The utility of hybrid nanofluids as a heat carrier medium in various processes of industrial and biomedical nature plays a pivotal role.⁹ Hybrid nanofluids were invented as a better alternate to the mono nanofluids in order to trade off the properties of two or more nano-additives through a single homogeneous medium.¹⁰ Characteristics like improved chemical stability, greater heat absorption and mechanical strength make them a preferred choice of scientists.¹¹ Hybrid nanofluids displayed superior heat transfer performance than the mono nanofluids in these studies. Ghalambaz et al.¹² recently synthesized a novel coupling of Ag-MgO hybrid nanofluids, which is endowed with the benefit of high thermal conductivity of Silver (Ag) nanoparticles and superior stability and anti bacterial properties of magnesium oxide (MgO) nanoparticles. This advantageous combination of hybrid nanofluid has been utilized to augment the convective heat transfer inside different kind of enclosures.^13,14 Some recent studies utilized the hybrid nanofluids as effective heat transfer medium to overcome the disadvantage of the altering conditions at solid boundaries.^15,16 The scrutiny of flow and heat transfer aspects of a hybrid nanofluids pertaining constant thermophysical properties inside deforming channel geometries recently gained attention.^17,18

Critical reviews of the effective thermo-physical properties of hybrid nanofluids remarked with experimental proofs revealed that the surrounding temperature brings a noticeable change in the viscosity and thermal conductivity.^19,20 The increased Brownian movements owning to a rising temperature enhances the thermal conductivity of the hybrid nanoliquids. Whereas the weak Van der Waal forces due to temperature augmentation are responsible for reduction in viscosity.
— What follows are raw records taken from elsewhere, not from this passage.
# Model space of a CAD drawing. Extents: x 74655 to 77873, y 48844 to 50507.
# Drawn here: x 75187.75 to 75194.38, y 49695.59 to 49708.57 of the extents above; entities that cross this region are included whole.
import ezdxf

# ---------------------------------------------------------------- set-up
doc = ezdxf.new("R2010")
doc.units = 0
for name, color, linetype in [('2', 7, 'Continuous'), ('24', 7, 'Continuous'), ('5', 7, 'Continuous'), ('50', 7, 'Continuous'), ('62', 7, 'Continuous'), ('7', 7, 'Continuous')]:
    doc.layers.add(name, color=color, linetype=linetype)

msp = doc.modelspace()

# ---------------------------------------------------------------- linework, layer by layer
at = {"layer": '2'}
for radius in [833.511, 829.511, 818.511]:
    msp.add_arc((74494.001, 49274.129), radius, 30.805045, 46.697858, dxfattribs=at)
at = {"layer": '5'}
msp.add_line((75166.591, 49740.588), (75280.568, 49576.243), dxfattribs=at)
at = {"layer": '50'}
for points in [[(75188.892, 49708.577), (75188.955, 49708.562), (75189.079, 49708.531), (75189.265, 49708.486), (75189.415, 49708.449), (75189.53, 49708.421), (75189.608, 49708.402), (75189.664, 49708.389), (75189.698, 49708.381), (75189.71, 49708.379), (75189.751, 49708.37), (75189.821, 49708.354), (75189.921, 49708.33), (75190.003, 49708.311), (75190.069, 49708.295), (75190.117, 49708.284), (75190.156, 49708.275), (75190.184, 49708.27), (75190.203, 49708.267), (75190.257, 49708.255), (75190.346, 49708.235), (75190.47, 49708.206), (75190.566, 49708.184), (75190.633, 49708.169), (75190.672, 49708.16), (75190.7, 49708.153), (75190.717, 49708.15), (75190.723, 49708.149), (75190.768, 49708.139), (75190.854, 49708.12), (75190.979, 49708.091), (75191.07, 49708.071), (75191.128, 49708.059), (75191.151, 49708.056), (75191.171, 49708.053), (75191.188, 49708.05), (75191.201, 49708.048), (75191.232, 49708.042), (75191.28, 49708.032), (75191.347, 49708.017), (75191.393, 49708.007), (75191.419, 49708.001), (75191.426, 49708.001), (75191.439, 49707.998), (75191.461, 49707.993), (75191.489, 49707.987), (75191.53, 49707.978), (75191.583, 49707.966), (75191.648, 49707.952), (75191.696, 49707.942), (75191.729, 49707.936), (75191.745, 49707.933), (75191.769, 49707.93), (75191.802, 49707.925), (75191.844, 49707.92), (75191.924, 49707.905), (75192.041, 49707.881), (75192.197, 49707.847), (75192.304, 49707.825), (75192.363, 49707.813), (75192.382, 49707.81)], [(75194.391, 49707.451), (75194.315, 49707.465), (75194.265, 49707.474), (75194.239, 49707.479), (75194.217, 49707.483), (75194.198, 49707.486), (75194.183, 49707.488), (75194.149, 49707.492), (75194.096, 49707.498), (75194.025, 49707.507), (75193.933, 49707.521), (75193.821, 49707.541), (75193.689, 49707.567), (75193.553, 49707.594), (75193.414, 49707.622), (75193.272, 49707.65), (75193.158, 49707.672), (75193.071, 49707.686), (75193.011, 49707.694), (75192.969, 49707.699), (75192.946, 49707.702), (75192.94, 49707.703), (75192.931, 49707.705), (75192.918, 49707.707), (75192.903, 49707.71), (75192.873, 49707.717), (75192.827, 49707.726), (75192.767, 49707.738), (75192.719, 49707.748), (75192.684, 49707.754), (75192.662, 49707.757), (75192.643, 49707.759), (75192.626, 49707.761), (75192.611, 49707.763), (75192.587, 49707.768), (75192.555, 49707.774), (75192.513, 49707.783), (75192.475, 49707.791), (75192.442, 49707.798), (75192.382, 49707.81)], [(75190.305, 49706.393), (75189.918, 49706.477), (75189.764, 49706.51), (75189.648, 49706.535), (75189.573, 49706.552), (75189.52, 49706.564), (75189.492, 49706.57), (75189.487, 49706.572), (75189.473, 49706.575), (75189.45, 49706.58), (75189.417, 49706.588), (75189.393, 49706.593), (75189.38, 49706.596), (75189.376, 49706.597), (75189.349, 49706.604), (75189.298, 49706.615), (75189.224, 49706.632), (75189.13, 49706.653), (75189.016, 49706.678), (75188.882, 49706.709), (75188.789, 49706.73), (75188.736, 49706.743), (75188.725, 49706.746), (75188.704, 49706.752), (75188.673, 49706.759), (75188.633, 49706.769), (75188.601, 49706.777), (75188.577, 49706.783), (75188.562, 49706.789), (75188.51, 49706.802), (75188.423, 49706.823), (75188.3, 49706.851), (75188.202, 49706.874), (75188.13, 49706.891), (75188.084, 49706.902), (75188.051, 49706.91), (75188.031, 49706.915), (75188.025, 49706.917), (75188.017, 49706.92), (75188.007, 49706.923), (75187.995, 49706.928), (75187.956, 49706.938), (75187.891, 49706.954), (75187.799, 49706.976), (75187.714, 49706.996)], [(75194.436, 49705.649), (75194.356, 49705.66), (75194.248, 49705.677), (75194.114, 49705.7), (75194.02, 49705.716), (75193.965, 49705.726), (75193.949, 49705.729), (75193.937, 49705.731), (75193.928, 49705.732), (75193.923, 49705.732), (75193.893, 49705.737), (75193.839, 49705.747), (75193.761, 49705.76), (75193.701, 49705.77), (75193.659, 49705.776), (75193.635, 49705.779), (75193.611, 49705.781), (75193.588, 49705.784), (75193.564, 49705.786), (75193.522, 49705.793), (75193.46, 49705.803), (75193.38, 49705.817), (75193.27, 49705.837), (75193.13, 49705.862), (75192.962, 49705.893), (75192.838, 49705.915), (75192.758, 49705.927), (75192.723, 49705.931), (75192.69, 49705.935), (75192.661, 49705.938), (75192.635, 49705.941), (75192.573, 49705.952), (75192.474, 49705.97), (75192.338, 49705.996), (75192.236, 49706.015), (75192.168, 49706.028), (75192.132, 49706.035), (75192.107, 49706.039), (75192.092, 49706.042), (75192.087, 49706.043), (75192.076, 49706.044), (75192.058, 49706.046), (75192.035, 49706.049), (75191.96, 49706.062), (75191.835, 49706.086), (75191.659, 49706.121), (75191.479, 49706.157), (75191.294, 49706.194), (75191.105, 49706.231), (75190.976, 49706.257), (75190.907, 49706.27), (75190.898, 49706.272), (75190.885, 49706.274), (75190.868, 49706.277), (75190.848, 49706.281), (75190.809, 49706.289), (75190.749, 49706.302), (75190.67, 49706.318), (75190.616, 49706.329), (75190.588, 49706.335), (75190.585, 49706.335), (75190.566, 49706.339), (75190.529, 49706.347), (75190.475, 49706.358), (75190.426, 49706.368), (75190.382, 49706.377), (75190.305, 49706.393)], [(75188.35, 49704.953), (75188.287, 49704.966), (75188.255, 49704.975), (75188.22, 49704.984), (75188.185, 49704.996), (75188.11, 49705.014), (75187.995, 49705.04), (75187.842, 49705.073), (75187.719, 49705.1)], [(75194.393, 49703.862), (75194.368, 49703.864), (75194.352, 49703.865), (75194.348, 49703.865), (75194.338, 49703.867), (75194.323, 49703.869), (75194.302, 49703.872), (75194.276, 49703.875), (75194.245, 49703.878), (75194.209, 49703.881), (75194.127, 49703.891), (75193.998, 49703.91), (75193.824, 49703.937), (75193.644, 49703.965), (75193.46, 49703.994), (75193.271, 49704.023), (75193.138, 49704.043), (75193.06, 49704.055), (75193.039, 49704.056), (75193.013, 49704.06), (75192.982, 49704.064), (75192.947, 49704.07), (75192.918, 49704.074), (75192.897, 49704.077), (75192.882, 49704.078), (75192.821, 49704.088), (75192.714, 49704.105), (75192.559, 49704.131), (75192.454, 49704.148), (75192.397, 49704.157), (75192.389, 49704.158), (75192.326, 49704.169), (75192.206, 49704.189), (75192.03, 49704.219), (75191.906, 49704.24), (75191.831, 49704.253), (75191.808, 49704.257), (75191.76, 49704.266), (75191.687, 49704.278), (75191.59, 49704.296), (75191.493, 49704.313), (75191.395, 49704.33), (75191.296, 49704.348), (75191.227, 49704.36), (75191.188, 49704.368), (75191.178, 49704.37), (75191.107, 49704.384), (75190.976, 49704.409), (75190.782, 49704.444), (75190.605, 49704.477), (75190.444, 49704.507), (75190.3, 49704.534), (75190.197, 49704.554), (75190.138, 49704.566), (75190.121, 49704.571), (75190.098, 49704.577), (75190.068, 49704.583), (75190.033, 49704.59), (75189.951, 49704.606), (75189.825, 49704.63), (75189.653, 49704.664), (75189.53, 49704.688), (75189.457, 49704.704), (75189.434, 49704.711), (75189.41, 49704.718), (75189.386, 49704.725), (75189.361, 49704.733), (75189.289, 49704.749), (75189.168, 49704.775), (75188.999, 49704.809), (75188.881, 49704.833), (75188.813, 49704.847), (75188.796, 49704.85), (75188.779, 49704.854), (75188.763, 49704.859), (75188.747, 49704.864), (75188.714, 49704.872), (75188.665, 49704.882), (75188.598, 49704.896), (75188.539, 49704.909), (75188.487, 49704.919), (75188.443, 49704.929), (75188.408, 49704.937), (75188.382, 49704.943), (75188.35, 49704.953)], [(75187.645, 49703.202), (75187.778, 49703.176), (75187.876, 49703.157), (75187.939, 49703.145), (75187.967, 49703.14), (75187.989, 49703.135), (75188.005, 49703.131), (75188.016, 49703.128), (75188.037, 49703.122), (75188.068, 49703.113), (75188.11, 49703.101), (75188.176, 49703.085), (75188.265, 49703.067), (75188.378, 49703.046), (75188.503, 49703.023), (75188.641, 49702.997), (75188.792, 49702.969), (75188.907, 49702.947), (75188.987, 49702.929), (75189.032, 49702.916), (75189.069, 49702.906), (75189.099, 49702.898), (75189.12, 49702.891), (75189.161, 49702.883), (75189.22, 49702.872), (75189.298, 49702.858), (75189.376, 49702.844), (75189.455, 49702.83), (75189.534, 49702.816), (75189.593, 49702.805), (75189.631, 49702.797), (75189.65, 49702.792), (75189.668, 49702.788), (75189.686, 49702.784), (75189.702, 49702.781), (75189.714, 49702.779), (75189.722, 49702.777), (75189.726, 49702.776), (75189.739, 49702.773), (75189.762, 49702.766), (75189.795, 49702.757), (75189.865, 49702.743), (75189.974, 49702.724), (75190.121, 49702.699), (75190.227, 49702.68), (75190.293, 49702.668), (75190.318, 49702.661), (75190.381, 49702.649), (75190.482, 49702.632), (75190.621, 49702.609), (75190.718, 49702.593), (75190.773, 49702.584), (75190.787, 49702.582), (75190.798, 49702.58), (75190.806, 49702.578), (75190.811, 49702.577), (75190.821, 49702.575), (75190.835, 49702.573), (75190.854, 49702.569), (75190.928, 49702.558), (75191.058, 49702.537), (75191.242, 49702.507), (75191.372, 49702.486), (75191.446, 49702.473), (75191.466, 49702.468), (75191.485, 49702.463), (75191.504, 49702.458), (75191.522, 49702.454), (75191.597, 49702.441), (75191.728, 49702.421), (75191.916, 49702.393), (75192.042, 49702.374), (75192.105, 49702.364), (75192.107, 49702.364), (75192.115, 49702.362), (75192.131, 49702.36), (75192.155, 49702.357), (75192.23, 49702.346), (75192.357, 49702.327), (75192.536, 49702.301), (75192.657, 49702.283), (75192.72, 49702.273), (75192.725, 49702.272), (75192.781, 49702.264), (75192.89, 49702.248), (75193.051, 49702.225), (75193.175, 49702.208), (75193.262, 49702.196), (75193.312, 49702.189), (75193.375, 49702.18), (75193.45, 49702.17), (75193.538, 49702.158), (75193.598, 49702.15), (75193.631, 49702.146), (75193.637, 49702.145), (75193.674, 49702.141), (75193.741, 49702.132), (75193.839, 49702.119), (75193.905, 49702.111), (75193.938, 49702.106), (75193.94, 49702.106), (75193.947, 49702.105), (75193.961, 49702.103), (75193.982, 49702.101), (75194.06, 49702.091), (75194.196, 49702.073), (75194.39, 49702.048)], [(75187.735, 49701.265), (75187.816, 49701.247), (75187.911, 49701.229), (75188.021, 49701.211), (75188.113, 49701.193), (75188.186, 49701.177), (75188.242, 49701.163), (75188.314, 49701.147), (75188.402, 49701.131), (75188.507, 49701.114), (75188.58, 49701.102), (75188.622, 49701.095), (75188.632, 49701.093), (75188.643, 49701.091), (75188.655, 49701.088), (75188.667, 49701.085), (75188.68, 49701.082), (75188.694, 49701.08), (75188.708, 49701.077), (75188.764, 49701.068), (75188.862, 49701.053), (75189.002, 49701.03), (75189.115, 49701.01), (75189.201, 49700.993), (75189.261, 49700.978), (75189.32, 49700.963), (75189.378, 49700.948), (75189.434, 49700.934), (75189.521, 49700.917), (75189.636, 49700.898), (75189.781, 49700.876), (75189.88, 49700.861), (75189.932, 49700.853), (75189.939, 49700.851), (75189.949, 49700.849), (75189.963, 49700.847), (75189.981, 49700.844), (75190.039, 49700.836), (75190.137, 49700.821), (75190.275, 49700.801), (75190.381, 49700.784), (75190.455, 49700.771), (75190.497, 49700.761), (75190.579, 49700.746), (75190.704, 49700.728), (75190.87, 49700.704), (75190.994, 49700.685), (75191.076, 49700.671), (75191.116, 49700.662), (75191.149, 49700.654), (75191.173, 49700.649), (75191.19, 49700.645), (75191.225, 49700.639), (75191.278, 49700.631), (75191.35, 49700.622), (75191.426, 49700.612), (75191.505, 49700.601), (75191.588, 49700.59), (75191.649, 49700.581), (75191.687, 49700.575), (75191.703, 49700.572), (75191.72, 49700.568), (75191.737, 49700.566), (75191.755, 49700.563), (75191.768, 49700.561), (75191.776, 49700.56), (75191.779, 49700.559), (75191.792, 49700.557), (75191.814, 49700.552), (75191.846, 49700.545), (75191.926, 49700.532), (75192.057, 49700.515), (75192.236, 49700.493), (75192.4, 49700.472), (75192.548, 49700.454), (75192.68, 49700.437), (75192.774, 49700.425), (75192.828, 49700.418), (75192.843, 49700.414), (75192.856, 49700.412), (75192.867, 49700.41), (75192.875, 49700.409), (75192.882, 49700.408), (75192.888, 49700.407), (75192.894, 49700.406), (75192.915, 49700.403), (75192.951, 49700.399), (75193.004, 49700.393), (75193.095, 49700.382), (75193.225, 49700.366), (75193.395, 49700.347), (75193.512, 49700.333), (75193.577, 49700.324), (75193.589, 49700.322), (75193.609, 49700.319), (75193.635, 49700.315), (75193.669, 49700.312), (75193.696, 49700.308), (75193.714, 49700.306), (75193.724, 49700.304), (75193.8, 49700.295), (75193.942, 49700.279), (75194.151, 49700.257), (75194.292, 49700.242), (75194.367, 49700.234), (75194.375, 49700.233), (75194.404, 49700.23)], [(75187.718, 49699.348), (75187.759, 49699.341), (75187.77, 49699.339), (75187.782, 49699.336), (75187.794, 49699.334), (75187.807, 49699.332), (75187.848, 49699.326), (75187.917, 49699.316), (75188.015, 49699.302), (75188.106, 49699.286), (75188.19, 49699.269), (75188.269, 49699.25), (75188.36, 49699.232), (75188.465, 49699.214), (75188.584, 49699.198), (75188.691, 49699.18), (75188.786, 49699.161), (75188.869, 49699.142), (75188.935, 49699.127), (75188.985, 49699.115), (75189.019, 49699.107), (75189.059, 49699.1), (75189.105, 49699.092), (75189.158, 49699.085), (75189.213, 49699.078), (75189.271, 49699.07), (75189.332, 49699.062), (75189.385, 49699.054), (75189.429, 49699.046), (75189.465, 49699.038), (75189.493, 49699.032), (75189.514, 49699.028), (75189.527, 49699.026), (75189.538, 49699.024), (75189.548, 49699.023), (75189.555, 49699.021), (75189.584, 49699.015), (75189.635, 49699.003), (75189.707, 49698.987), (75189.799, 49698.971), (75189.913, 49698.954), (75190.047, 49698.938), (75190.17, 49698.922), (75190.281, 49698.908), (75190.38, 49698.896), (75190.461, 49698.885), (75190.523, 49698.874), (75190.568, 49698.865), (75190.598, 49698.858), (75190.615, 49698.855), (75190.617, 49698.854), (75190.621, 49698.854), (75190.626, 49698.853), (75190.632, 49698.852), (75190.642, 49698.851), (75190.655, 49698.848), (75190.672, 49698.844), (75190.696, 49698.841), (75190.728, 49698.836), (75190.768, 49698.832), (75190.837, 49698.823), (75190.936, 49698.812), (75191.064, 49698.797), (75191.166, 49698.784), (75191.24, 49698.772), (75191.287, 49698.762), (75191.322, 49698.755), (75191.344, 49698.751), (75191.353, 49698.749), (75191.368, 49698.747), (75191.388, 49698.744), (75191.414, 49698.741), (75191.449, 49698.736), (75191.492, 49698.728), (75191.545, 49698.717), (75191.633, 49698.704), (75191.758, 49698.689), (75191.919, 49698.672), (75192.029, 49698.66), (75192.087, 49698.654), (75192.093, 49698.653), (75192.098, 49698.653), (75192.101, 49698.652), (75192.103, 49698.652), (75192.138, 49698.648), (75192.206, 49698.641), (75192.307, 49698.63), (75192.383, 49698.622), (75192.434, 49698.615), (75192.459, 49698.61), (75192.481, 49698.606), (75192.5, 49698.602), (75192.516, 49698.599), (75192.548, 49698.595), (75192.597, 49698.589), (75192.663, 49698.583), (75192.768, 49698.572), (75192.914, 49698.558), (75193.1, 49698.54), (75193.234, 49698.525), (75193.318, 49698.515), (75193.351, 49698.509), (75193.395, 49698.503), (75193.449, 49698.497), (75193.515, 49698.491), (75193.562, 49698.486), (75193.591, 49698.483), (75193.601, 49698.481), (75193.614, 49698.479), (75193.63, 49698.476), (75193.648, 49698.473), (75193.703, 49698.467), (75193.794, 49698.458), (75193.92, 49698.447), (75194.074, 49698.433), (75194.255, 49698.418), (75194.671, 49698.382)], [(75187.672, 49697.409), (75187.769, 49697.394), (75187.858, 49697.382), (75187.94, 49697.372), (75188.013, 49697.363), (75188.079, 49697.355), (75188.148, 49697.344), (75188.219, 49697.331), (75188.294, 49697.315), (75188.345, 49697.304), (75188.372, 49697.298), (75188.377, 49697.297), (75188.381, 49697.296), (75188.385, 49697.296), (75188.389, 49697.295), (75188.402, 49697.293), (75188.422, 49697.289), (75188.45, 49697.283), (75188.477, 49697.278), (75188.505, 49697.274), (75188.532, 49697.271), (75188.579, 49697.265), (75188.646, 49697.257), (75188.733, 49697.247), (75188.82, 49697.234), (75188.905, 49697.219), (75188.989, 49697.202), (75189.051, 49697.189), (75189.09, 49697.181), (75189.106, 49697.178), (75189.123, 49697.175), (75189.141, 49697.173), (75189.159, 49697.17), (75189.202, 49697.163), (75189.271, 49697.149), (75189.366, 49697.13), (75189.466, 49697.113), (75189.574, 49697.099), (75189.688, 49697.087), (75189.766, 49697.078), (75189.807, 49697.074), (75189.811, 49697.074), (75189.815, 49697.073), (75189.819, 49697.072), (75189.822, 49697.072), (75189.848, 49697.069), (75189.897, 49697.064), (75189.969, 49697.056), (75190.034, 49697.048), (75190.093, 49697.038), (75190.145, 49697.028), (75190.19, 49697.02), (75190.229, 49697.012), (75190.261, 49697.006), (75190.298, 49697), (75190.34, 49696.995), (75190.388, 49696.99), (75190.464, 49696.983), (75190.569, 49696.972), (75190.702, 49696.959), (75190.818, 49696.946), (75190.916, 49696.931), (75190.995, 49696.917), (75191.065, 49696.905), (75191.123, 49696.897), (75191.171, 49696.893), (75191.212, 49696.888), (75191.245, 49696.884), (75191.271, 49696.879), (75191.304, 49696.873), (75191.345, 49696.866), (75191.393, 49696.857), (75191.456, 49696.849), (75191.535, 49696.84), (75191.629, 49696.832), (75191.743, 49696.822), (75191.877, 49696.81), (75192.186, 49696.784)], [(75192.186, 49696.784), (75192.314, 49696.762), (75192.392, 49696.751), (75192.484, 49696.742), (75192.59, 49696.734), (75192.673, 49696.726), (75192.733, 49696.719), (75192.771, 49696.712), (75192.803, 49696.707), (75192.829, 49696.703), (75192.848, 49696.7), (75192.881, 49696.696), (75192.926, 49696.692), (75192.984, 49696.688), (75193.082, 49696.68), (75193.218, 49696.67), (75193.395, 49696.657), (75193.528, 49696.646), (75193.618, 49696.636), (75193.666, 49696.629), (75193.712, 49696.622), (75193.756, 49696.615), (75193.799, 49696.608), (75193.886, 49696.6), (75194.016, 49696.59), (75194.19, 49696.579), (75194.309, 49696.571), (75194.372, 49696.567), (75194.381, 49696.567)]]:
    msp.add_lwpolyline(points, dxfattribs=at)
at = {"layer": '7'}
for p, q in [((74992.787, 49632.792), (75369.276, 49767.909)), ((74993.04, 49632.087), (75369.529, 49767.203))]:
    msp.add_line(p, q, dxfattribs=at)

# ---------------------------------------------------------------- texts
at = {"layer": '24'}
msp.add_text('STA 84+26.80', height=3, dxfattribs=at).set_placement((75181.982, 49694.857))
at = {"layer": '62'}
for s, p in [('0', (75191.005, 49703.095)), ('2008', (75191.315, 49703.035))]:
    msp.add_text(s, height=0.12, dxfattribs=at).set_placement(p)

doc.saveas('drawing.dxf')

Some theoretical models were developed and modified by the researchers to imbibe the linear temperature dependence on the effective nanofluid viscosity and thermal conductivity.^21,22 The joint effects of variable fluid thermal conductivity and viscosity in case of a viscous micropolar fluid were emphasized by Alzahrani et al.²³ In case of a peristaltic moving Jeffery fluid, the respective declination and increment in the flow velocity due to variable thermal conductivity and viscosity were reported by Nagathan et al.²⁴ Some recent studies mentioned the assessment of the temperature varying viscosity and thermal conductivity of the hybrid nanofluid flow saturating a permeable wall.^25,26 But the influence of temperature variable viscosity and thermal conductivity together on the hybrid nanofluid flow inside permeable deforming channel in presence of flow mediated dilations had not been attended yet.

The phenomenon of flow mediated dilations finds applications in uniformly distributed irrigation systems, exhaust nozzles, coolant circulation, fibrous insulation system, human respiratory system, blood flow in arterial and lympathic organs, etc.^27,28 In medical science, the flow mediated dilation of the artery exists when the blood flow is enhanced in the artery. Uchida and Aoki²⁹ explored the viscous fluid flow within an impermeable expanding or contracting pipe. They realized that the viscous effects are limited to the deforming boundaries. Injection effects along with the channel deformity were later on analyzed by Dauenhauer and Majdalani.³⁰ Many studies highlighted the impacts of small to large scale suction/injection effects on the permeating fluid flow inside deformable channels.^31,32,33 These studies were limited to the exploration of flow field alone, until heat transfer aspects were analyzed.³⁴ The channel deformations in the mentioned studies were solely due to the orthogonal contractions of the permeable walls. The stretchable nature of the walls adds to an additional deformity in the channel configuration.³⁵ Moreover, in the mentioned studies, the channel walls have been assumed to be of evenly permeable. In case of channels with highly deforming rates, these permeations may exceed the fluid injection or suction to an exponential order. Therefore, the exploration of exponential permeability on a two-folded deforming channel (such as squeezing and stretching) may lead to some novel results.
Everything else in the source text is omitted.